# Brief:
Only lines that contain the word "elements" are to be returned from the data below.

# Data to examine:
════════════════

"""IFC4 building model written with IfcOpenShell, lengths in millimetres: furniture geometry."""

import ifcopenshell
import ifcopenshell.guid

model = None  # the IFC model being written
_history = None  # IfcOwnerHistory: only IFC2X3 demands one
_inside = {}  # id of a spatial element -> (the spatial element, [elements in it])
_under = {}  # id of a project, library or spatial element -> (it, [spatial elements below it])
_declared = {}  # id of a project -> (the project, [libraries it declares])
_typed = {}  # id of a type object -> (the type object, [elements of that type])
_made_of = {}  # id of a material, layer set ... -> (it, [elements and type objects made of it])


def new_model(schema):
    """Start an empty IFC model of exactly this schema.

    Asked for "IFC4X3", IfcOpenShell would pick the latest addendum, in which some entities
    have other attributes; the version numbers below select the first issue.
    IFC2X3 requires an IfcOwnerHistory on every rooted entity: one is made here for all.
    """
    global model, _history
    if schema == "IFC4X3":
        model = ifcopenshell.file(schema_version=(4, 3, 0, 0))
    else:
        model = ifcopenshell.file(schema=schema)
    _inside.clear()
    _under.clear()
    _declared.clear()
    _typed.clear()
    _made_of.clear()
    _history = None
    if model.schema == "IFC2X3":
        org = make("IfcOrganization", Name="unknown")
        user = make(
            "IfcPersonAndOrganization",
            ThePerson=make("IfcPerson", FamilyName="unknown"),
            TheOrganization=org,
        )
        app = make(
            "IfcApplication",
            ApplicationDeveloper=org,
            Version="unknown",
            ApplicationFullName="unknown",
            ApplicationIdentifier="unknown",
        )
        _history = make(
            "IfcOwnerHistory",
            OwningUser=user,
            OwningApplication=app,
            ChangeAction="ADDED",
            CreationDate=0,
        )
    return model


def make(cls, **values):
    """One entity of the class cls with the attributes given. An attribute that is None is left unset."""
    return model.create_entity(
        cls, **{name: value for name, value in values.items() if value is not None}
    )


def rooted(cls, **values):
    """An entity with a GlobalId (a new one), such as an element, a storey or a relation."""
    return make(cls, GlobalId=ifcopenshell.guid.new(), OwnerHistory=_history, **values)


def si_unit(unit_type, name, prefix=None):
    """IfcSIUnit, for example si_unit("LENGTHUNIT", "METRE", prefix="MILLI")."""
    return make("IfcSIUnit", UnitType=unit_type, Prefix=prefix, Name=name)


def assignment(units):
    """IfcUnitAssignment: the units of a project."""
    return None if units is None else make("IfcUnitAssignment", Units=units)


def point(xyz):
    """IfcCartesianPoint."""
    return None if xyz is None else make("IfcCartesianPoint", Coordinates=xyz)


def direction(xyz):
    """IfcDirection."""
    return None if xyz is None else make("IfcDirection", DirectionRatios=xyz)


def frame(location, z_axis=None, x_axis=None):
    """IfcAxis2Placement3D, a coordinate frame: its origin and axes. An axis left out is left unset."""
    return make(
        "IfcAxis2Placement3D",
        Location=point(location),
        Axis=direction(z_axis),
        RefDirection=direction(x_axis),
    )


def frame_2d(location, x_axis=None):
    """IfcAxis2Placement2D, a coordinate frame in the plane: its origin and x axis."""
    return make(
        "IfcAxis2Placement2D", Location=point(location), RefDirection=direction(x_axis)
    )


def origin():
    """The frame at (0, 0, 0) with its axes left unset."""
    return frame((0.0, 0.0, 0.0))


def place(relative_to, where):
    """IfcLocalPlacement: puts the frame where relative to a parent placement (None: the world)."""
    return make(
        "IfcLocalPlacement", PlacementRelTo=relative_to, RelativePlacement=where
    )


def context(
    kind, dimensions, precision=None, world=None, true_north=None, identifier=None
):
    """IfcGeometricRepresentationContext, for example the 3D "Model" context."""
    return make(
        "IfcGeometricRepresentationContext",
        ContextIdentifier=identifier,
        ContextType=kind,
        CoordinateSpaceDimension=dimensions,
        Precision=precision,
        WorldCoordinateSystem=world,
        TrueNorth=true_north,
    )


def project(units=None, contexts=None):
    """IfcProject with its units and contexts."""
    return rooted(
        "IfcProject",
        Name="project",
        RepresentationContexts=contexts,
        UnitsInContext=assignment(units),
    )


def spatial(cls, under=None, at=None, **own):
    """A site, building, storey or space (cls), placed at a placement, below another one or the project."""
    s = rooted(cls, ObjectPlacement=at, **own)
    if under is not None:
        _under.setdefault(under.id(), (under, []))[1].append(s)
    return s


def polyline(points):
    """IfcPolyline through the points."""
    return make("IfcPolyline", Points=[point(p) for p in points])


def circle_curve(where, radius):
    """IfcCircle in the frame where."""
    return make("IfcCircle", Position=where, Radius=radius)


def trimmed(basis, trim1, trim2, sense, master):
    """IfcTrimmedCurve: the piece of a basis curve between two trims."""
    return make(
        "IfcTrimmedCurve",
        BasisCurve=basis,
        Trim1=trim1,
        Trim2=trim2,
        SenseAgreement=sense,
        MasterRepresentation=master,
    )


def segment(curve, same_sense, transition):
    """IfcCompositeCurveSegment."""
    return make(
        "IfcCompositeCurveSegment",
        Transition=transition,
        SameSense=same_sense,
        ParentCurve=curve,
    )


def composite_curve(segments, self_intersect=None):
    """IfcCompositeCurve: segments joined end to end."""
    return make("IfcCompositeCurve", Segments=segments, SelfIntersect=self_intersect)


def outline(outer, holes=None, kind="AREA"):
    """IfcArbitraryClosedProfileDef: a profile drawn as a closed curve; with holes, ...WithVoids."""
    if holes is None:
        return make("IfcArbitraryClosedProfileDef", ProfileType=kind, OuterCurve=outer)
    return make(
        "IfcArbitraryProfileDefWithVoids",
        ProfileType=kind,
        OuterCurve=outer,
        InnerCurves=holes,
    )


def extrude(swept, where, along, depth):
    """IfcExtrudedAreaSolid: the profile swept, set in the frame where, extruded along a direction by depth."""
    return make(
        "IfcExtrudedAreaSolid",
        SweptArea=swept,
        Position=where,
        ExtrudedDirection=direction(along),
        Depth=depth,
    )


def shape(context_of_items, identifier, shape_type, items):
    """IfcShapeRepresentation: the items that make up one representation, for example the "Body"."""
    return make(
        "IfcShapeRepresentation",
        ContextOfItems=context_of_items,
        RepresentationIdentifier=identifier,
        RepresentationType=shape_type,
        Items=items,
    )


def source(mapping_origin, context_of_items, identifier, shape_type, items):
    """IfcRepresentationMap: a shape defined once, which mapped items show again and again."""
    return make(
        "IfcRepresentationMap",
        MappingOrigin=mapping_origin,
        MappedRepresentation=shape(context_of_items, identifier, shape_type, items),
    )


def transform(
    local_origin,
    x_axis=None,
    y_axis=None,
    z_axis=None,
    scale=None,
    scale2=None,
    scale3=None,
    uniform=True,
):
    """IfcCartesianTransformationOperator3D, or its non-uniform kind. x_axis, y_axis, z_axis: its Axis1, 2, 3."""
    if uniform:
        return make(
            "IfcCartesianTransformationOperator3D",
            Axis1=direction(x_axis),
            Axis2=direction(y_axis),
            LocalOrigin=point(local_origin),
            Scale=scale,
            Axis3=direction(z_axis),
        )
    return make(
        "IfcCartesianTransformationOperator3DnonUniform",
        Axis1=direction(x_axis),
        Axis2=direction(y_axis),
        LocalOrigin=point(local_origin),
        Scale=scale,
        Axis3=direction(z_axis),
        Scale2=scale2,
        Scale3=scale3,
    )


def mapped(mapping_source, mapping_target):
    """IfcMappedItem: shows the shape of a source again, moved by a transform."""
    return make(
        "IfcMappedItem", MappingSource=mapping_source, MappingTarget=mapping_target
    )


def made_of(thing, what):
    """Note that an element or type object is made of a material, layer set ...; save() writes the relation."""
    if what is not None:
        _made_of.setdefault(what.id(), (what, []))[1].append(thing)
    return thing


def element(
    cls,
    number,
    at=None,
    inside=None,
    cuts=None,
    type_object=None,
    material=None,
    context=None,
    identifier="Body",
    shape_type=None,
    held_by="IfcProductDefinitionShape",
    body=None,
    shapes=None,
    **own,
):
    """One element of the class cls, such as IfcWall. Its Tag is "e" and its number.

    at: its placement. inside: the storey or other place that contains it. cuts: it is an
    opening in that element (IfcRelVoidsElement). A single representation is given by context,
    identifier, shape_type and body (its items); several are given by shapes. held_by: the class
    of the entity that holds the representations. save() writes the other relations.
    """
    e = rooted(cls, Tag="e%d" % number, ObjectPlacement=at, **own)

════════════════

# Exercise output:
_inside = {}  # id of a spatial element -> (the spatial element, [elements in it])
_under = {}  # id of a project, library or spatial element -> (it, [spatial elements below it])
_typed = {}  # id of a type object -> (the type object, [elements of that type])
_made_of = {}  # id of a material, layer set ... -> (it, [elements and type objects made of it])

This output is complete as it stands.